Funktionalisierung von Materialien

Funktionalisierung von Materialien

Die Oberflächen aller Implantate stellen die Grenzfläche zwischen Material und biologischem Umfeld dar. Die Funktionalisierung von Oberflächen wie etwa das gezielte „Drucken“ chemisch unterschiedlicher Areale auf Silizium-, Metall- oder Polymeroberflächen im Nanometermaßstab ermöglicht eine weitere Miniaturisierung von Sensoren, die im oder am Körper dessen Funktionen überwachen und ggf. die Abgabe von Medikamenten aus einem verbundenen System steuern können.

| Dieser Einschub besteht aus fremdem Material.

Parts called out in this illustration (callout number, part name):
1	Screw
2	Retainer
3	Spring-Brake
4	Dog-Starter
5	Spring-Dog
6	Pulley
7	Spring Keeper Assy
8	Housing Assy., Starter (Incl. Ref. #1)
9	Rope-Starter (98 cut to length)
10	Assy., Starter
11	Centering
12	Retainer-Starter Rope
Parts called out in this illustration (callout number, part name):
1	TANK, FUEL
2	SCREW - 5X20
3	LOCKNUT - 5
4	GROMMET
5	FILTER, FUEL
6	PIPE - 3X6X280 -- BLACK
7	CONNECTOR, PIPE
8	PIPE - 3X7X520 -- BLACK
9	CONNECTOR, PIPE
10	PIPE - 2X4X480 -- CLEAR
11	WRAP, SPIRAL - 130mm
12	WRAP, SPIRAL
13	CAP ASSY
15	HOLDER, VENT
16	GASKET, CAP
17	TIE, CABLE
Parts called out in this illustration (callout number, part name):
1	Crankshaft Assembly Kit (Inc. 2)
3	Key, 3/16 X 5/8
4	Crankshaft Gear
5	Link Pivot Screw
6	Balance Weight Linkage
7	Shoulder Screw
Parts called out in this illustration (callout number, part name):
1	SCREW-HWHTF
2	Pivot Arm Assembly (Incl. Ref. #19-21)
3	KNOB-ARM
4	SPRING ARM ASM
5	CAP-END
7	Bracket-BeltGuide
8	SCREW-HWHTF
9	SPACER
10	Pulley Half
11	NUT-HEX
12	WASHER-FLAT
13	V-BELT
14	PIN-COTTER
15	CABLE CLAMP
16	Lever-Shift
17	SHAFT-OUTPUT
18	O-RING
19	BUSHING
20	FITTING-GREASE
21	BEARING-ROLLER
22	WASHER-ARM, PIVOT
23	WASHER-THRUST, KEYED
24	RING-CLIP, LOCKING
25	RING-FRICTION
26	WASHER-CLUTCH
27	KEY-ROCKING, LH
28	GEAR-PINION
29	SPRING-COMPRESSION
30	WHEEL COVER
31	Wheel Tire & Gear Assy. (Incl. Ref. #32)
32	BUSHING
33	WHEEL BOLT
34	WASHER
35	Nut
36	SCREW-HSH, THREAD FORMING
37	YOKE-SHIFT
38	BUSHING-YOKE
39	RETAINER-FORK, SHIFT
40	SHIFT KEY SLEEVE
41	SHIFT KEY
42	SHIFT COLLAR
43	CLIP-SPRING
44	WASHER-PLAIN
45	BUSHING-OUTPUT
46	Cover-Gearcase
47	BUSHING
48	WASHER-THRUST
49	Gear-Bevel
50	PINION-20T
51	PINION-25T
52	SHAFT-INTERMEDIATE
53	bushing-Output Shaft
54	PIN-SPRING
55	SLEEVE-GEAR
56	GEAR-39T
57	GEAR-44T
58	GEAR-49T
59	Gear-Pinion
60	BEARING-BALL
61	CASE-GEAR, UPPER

Durch die Funktionalisierung von Oberflächen wird eine verbesserte Biokompatibilität der Oberflächen von z. B. intrakorporalen Sensoren erreicht und damit die Fremd-Erkennung/Gewebs-Verkapselung vermindert, die oft als Reaktion des Körpers auf externe (nicht-biokompatible) Komponenten auftritt. Somit optimiert das Verfahren die Biokompatibilität, den Korrosionsschutz, die antimikrobielle Wirkung sowie insgesamt die Verweildauer von Implantaten.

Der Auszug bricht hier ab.